━━ RECORD EXCERPTS

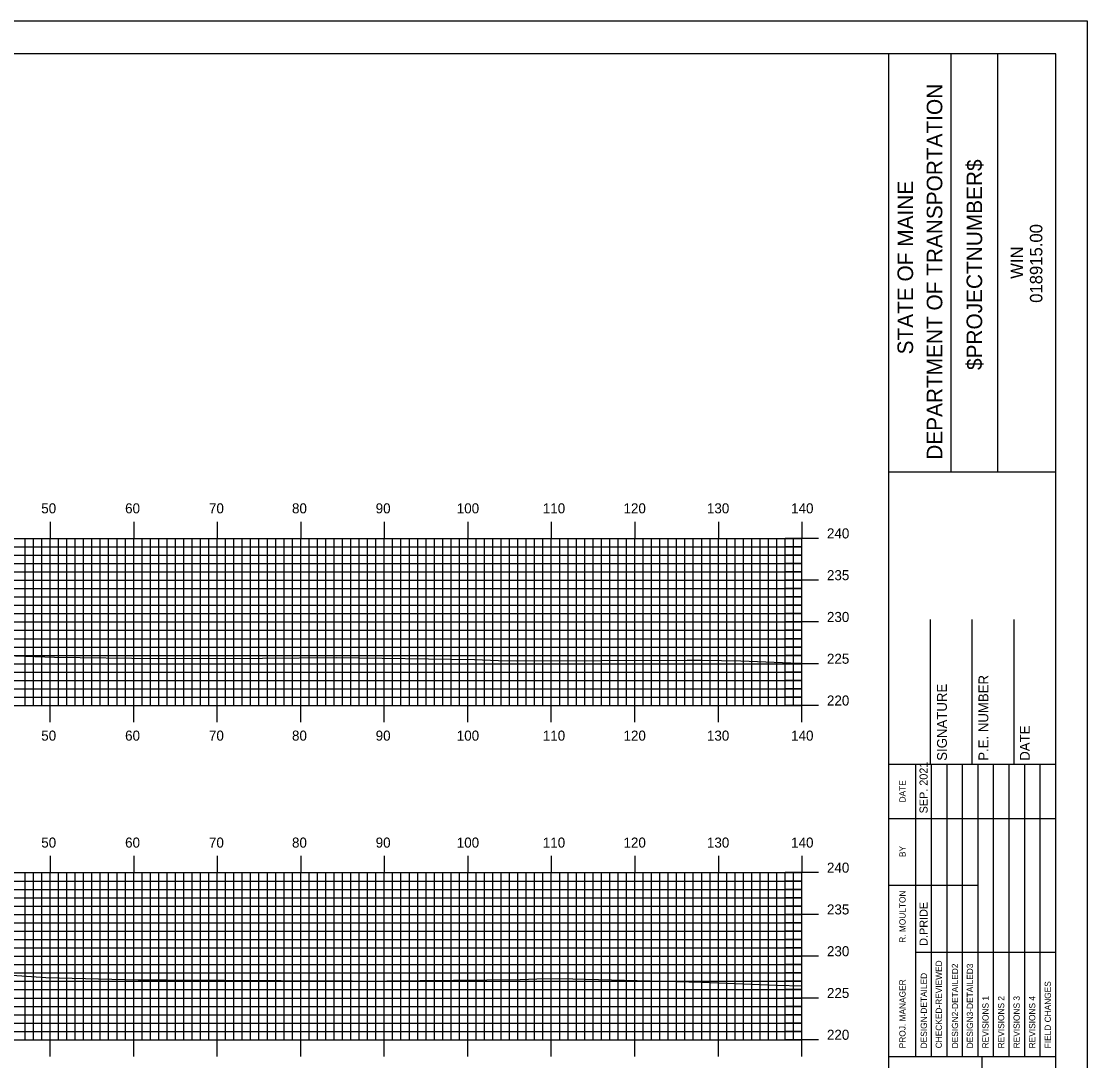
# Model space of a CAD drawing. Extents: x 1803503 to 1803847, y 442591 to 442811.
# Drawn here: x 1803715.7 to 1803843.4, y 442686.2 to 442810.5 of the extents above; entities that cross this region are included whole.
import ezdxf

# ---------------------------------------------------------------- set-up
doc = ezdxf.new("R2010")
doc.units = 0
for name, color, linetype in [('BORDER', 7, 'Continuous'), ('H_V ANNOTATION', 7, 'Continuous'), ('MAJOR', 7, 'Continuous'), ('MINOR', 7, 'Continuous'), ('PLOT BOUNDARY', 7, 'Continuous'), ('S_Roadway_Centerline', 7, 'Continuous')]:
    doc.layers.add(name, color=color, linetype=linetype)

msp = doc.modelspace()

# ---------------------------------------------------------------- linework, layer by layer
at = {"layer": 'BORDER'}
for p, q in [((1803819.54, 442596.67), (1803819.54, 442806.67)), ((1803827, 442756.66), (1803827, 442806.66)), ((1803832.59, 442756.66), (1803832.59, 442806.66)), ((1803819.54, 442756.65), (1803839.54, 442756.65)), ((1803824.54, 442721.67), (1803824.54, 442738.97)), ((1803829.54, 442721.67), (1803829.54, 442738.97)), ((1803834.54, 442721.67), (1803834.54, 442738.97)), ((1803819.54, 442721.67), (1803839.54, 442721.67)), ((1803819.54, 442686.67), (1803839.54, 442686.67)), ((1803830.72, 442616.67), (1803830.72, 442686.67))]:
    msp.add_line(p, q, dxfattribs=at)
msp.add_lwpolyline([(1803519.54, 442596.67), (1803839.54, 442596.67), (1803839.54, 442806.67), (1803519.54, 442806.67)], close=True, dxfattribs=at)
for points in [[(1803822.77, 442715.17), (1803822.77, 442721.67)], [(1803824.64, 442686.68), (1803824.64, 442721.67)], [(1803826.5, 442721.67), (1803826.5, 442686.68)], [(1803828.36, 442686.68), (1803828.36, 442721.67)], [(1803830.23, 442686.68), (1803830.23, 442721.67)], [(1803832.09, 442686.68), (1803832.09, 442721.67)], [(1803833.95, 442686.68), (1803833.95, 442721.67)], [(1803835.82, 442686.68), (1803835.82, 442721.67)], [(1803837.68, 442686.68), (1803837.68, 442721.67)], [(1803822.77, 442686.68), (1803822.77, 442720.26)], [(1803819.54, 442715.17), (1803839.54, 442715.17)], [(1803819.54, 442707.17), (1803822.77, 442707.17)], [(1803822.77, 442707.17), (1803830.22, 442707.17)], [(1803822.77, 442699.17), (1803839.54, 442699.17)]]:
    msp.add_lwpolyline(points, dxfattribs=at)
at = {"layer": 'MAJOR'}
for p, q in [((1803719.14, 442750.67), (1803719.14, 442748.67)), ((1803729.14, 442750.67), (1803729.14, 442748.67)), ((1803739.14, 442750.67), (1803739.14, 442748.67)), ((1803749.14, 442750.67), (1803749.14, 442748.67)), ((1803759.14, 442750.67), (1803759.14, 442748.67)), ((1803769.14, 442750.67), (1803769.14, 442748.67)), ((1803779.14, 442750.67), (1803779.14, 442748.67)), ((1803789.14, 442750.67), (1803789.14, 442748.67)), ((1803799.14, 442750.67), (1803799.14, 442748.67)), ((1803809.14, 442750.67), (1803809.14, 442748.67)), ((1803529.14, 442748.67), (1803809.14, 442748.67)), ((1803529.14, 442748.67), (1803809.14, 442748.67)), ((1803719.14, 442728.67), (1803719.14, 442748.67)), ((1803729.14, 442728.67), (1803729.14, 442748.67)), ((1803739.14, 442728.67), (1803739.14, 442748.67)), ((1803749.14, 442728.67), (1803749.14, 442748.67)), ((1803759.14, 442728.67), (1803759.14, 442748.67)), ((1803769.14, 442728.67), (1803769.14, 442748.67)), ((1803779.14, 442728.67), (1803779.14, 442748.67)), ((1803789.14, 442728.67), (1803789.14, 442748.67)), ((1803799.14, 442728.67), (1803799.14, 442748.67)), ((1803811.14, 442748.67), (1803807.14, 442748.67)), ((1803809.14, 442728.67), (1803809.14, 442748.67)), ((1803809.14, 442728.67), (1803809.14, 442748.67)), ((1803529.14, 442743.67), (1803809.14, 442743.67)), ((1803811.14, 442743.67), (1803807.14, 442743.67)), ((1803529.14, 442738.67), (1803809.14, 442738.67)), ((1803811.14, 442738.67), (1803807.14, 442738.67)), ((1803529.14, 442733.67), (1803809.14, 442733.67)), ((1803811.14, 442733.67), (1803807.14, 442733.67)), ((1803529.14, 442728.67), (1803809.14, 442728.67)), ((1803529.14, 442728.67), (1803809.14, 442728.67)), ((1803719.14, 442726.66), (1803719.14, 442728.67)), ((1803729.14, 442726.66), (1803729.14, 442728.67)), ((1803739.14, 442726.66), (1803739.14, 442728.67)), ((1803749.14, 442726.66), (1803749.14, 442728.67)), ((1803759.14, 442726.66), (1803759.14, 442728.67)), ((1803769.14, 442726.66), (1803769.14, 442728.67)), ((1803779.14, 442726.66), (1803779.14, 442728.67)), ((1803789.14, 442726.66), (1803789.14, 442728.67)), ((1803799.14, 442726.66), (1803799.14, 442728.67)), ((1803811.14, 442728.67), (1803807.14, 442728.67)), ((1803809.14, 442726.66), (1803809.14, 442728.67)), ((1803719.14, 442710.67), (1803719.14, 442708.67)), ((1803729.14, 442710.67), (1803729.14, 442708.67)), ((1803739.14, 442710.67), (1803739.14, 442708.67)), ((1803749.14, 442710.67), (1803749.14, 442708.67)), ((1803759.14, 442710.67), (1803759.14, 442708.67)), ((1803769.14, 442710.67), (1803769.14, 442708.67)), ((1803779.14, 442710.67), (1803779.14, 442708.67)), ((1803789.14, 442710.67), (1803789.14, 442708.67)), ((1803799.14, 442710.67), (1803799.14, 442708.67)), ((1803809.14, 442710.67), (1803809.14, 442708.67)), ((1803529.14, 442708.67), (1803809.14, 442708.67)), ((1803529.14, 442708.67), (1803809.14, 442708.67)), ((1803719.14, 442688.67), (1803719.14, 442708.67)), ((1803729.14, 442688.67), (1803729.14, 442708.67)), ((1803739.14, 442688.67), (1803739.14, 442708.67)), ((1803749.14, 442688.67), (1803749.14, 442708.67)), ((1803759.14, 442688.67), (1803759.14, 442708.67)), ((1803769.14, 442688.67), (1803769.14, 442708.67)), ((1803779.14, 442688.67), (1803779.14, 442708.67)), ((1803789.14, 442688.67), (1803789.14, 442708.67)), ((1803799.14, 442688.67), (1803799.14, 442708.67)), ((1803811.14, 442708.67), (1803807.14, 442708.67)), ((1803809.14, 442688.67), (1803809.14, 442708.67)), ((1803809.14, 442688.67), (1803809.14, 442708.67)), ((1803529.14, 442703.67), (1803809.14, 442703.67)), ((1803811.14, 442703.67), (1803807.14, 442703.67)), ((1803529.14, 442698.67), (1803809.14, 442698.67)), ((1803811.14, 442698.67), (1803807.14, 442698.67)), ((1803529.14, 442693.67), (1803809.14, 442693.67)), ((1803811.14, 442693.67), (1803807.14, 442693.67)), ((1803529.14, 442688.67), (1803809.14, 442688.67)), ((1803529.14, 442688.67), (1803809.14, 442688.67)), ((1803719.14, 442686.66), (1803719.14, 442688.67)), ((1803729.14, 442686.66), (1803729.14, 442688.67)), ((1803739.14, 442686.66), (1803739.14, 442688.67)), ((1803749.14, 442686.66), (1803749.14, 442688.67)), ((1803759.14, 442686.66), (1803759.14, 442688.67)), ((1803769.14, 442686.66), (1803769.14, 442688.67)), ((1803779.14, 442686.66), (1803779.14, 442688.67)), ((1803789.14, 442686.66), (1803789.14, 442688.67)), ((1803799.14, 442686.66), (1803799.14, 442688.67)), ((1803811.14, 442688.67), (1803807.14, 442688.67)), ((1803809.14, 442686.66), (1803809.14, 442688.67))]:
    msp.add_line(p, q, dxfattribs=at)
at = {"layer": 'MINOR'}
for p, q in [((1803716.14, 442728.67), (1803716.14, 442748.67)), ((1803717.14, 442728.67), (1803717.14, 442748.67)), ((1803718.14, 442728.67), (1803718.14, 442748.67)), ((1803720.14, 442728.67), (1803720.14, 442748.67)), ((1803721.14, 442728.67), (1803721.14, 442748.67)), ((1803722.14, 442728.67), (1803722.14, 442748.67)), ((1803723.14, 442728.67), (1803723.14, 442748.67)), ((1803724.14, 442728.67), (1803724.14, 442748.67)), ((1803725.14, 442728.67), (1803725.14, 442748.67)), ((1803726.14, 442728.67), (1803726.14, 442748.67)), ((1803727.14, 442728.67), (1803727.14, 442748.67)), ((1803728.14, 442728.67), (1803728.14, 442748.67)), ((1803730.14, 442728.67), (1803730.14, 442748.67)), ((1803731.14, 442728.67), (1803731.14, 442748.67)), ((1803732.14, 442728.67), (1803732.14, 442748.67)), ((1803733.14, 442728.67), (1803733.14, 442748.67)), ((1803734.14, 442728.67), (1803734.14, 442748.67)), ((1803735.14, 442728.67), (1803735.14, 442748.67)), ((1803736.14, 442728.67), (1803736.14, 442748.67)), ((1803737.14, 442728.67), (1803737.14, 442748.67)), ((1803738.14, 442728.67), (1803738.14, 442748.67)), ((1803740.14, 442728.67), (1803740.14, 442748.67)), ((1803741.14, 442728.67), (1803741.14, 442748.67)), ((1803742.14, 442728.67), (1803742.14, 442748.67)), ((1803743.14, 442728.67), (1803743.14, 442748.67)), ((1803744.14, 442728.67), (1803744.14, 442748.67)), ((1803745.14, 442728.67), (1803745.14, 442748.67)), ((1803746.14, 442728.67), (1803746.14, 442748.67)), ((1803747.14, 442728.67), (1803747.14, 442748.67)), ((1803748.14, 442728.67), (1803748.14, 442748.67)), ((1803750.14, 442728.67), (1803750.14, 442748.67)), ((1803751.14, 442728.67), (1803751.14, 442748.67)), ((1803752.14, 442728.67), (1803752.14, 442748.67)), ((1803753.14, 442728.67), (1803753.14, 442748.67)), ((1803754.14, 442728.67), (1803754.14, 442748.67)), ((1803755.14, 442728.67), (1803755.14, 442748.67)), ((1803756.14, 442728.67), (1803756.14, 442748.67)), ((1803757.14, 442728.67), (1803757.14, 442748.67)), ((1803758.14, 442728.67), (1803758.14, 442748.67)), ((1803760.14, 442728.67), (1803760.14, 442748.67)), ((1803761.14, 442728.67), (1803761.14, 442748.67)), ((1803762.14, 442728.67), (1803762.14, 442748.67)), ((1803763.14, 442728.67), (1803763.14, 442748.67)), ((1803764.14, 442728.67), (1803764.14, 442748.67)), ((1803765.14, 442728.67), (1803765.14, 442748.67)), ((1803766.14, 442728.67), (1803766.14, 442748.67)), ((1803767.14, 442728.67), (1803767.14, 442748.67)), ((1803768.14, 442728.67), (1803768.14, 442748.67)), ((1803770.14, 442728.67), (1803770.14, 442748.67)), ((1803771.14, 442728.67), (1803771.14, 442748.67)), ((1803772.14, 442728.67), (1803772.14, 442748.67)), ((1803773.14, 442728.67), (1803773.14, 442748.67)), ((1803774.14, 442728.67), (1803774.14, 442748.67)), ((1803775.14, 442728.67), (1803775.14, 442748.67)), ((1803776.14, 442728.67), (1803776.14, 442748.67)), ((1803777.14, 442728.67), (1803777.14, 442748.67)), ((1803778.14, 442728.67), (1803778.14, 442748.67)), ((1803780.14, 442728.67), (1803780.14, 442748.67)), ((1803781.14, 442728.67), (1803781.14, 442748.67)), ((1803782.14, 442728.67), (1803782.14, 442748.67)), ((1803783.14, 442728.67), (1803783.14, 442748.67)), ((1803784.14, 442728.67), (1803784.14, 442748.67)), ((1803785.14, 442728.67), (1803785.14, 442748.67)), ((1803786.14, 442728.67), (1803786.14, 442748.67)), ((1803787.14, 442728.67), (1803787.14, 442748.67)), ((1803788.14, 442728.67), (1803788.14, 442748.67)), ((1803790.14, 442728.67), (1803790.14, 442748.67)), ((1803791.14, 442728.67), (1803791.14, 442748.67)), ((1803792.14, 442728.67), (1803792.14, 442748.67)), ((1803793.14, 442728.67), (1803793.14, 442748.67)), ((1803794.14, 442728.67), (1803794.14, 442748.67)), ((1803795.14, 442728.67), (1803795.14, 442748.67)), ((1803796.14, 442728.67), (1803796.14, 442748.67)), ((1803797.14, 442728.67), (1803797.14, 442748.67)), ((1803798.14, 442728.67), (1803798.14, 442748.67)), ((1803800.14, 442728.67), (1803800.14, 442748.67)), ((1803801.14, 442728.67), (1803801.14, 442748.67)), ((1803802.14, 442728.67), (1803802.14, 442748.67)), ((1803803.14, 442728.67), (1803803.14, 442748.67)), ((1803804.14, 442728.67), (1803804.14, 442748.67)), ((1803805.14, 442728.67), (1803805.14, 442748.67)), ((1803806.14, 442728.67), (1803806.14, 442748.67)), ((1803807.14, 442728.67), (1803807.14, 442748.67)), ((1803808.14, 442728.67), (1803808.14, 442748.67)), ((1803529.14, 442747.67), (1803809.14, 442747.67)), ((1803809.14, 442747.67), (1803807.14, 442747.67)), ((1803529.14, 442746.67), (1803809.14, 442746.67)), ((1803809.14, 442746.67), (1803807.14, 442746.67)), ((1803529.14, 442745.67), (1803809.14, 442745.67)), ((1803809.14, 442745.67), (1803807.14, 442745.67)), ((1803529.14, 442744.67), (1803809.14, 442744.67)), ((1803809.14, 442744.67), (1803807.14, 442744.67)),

━━━━

- TASK TO COMPLETE -
In the records above, find each line with the word "linetype" and copy it out.

- OUTPUT OF THE TASK -
for name, color, linetype in [('BORDER', 7, 'Continuous'), ('H_V ANNOTATION', 7, 'Continuous'), ('MAJOR', 7, 'Continuous'), ('MINOR', 7, 'Continuous'), ('PLOT BOUNDARY', 7, 'Continuous'), ('S_Roadway_Centerline', 7, 'Continuous')]:
    doc.layers.add(name, color=color, linetype=linetype)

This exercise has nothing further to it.